▸ EXERCISE BRIEF:
The response should be an exact repetition of all the entries.

------

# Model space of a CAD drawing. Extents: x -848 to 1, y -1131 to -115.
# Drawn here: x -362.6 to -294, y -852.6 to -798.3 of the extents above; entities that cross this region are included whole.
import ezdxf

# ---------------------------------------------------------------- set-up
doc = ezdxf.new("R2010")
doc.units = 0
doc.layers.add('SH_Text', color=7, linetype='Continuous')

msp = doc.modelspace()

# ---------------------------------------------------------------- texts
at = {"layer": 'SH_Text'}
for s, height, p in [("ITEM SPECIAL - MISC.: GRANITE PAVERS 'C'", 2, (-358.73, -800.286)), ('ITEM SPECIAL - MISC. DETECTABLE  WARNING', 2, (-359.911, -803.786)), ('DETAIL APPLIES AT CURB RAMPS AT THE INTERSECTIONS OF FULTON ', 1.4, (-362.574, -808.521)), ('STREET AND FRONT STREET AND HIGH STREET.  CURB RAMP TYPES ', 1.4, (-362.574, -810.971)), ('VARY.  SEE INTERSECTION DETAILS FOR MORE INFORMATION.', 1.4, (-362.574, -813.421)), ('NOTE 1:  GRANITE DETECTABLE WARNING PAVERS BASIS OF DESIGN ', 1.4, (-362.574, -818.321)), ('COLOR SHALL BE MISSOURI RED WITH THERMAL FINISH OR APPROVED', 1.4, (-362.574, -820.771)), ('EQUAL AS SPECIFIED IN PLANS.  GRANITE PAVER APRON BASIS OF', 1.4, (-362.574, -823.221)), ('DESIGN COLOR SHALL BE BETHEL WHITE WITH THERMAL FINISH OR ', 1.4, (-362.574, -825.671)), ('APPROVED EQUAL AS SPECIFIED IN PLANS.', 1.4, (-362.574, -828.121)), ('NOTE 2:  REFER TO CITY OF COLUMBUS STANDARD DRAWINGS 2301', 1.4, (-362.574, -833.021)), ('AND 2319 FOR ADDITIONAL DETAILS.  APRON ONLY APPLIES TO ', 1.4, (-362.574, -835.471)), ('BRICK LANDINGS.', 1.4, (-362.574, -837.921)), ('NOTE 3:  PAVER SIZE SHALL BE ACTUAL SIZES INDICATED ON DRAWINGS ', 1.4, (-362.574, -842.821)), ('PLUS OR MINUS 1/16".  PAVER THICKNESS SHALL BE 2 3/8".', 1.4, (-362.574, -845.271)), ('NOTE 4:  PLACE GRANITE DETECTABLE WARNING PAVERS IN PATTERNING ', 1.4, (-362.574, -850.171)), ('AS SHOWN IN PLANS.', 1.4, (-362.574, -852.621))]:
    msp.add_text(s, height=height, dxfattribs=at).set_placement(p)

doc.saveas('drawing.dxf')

------

▸ ANSWER TO THIS TASK:
# Model space of a CAD drawing. Extents: x -848 to 1, y -1131 to -115.
# Drawn here: x -362.6 to -294, y -852.6 to -798.3 of the extents above; entities that cross this region are included whole.
import ezdxf

# ---------------------------------------------------------------- set-up
doc = ezdxf.new("R2010")
doc.units = 0
doc.layers.add('SH_Text', color=7, linetype='Continuous')

msp = doc.modelspace()

# ---------------------------------------------------------------- texts
at = {"layer": 'SH_Text'}
for s, height, p in [("ITEM SPECIAL - MISC.: GRANITE PAVERS 'C'", 2, (-358.73, -800.286)), ('ITEM SPECIAL - MISC. DETECTABLE  WARNING', 2, (-359.911, -803.786)), ('DETAIL APPLIES AT CURB RAMPS AT THE INTERSECTIONS OF FULTON ', 1.4, (-362.574, -808.521)), ('STREET AND FRONT STREET AND HIGH STREET.  CURB RAMP TYPES ', 1.4, (-362.574, -810.971)), ('VARY.  SEE INTERSECTION DETAILS FOR MORE INFORMATION.', 1.4, (-362.574, -813.421)), ('NOTE 1:  GRANITE DETECTABLE WARNING PAVERS BASIS OF DESIGN ', 1.4, (-362.574, -818.321)), ('COLOR SHALL BE MISSOURI RED WITH THERMAL FINISH OR APPROVED', 1.4, (-362.574, -820.771)), ('EQUAL AS SPECIFIED IN PLANS.  GRANITE PAVER APRON BASIS OF', 1.4, (-362.574, -823.221)), ('DESIGN COLOR SHALL BE BETHEL WHITE WITH THERMAL FINISH OR ', 1.4, (-362.574, -825.671)), ('APPROVED EQUAL AS SPECIFIED IN PLANS.', 1.4, (-362.574, -828.121)), ('NOTE 2:  REFER TO CITY OF COLUMBUS STANDARD DRAWINGS 2301', 1.4, (-362.574, -833.021)), ('AND 2319 FOR ADDITIONAL DETAILS.  APRON ONLY APPLIES TO ', 1.4, (-362.574, -835.471)), ('BRICK LANDINGS.', 1.4, (-362.574, -837.921)), ('NOTE 3:  PAVER SIZE SHALL BE ACTUAL SIZES INDICATED ON DRAWINGS ', 1.4, (-362.574, -842.821)), ('PLUS OR MINUS 1/16".  PAVER THICKNESS SHALL BE 2 3/8".', 1.4, (-362.574, -845.271)), ('NOTE 4:  PLACE GRANITE DETECTABLE WARNING PAVERS IN PATTERNING ', 1.4, (-362.574, -850.171)), ('AS SHOWN IN PLANS.', 1.4, (-362.574, -852.621))]:
    msp.add_text(s, height=height, dxfattribs=at).set_placement(p)

doc.saveas('drawing.dxf')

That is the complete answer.